-------- Data listing --------
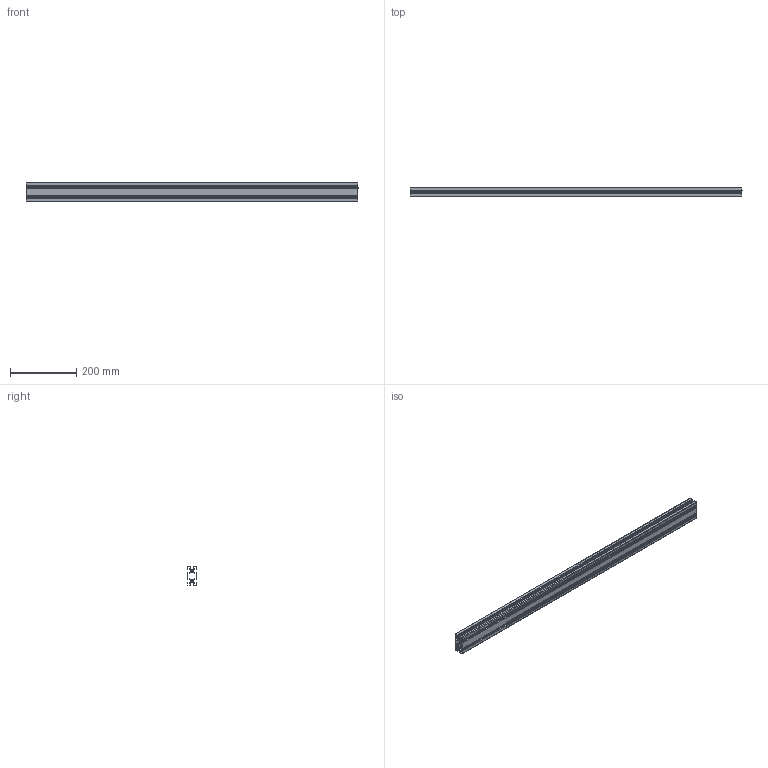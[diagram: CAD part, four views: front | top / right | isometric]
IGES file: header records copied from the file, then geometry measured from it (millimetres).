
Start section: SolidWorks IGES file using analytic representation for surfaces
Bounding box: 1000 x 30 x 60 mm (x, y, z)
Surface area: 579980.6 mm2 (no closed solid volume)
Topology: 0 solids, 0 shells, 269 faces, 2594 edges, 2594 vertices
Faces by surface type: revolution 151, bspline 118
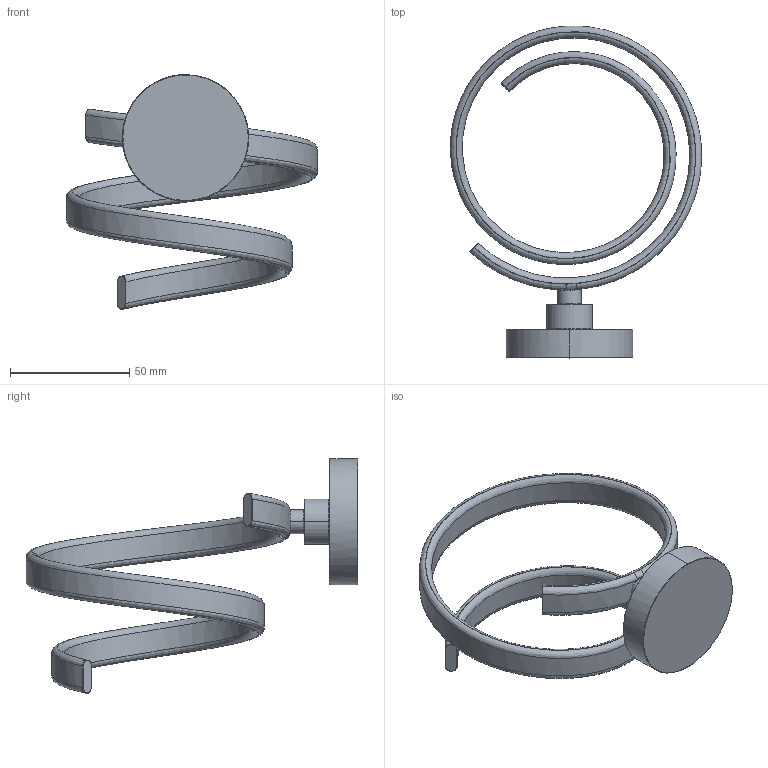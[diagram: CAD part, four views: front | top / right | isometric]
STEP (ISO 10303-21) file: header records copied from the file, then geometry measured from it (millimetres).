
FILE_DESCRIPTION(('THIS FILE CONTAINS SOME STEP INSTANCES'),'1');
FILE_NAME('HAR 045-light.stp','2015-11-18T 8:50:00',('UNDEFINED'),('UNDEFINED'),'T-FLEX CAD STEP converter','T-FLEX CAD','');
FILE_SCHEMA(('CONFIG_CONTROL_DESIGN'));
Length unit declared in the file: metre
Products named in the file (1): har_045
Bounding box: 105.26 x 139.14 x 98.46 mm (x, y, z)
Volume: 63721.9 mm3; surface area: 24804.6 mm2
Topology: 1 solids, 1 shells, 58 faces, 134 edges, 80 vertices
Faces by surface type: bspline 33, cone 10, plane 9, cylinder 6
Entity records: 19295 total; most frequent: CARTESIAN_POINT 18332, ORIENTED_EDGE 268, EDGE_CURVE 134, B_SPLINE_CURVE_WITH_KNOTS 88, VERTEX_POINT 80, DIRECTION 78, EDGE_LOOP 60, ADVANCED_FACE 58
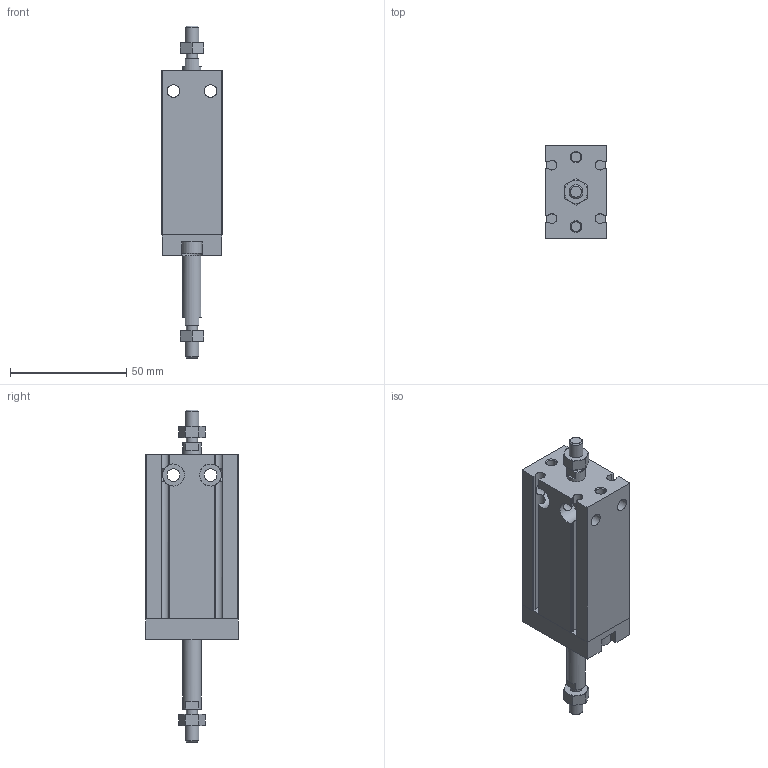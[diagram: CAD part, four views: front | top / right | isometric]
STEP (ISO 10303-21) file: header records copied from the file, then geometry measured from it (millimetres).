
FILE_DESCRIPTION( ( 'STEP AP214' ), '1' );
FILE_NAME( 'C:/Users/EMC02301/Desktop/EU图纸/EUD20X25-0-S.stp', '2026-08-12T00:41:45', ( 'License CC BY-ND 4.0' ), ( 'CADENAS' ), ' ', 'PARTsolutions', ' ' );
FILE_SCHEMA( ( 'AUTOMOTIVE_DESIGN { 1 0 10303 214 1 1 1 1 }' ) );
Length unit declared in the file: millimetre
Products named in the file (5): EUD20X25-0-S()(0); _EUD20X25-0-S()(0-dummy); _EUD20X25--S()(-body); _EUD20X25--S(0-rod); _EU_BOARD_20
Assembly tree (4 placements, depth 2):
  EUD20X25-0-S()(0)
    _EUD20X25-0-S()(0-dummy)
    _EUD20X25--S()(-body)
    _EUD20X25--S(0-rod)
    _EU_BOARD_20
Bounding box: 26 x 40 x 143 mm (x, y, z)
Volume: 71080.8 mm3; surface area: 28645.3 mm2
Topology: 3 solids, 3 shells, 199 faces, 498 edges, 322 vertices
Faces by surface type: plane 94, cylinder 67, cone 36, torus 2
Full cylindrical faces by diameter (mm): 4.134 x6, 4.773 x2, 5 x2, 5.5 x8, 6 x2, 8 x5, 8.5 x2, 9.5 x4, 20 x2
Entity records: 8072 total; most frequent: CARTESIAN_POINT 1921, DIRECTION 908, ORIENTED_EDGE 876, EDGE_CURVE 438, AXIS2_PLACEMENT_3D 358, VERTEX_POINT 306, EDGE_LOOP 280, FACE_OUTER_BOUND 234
--------
Once the pictures are removed, output the entries above exactly as given.

* **Output of the exercise**
[diagram: CAD part, four views: front | top / right | isometric]
IGES file: header records copied from the file, then geometry measured from it (millimetres).
Start section: SolidWorks IGES file using analytic representation for surfaces
Bounding box: 1000 x 30 x 60 mm (x, y, z)
Surface area: 579980.6 mm2 (no closed solid volume)
Topology: 0 solids, 0 shells, 269 faces, 2594 edges, 2594 vertices
Faces by surface type: revolution 151, bspline 118
[diagram: CAD part, four views: front | top / right | isometric]
STEP (ISO 10303-21) file: header records copied from the file, then geometry measured from it (millimetres).
FILE_DESCRIPTION(('THIS FILE CONTAINS SOME STEP INSTANCES'),'1');
FILE_NAME('HAR 045-light.stp','2015-11-18T 8:50:00',('UNDEFINED'),('UNDEFINED'),'T-FLEX CAD STEP converter','T-FLEX CAD','');
FILE_SCHEMA(('CONFIG_CONTROL_DESIGN'));
Length unit declared in the file: metre
Products named in the file (1): har_045
Bounding box: 105.26 x 139.14 x 98.46 mm (x, y, z)
Volume: 63721.9 mm3; surface area: 24804.6 mm2
Topology: 1 solids, 1 shells, 58 faces, 134 edges, 80 vertices
Faces by surface type: bspline 33, cone 10, plane 9, cylinder 6
Entity records: 19295 total; most frequent: CARTESIAN_POINT 18332, ORIENTED_EDGE 268, EDGE_CURVE 134, B_SPLINE_CURVE_WITH_KNOTS 88, VERTEX_POINT 80, DIRECTION 78, EDGE_LOOP 60, ADVANCED_FACE 58
[diagram: CAD part, four views: front | top / right | isometric]
STEP (ISO 10303-21) file: header records copied from the file, then geometry measured from it (millimetres).
FILE_DESCRIPTION( ( 'STEP AP214' ), '1' );
FILE_NAME( 'C:/Users/EMC02301/Desktop/EU图纸/EUD20X25-0-S.stp', '2026-08-12T00:41:45', ( 'License CC BY-ND 4.0' ), ( 'CADENAS' ), ' ', 'PARTsolutions', ' ' );
FILE_SCHEMA( ( 'AUTOMOTIVE_DESIGN { 1 0 10303 214 1 1 1 1 }' ) );
Length unit declared in the file: millimetre
Products named in the file (5): EUD20X25-0-S()(0); _EUD20X25-0-S()(0-dummy); _EUD20X25--S()(-body); _EUD20X25--S(0-rod); _EU_BOARD_20
Assembly tree (4 placements, depth 2):
  EUD20X25-0-S()(0)
    _EUD20X25-0-S()(0-dummy)
    _EUD20X25--S()(-body)
    _EUD20X25--S(0-rod)
    _EU_BOARD_20
Bounding box: 26 x 40 x 143 mm (x, y, z)
Volume: 71080.8 mm3; surface area: 28645.3 mm2
Topology: 3 solids, 3 shells, 199 faces, 498 edges, 322 vertices
Faces by surface type: plane 94, cylinder 67, cone 36, torus 2
Full cylindrical faces by diameter (mm): 4.134 x6, 4.773 x2, 5 x2, 5.5 x8, 6 x2, 8 x5, 8.5 x2, 9.5 x4, 20 x2
Entity records: 8072 total; most frequent: CARTESIAN_POINT 1921, DIRECTION 908, ORIENTED_EDGE 876, EDGE_CURVE 438, AXIS2_PLACEMENT_3D 358, VERTEX_POINT 306, EDGE_LOOP 280, FACE_OUTER_BOUND 234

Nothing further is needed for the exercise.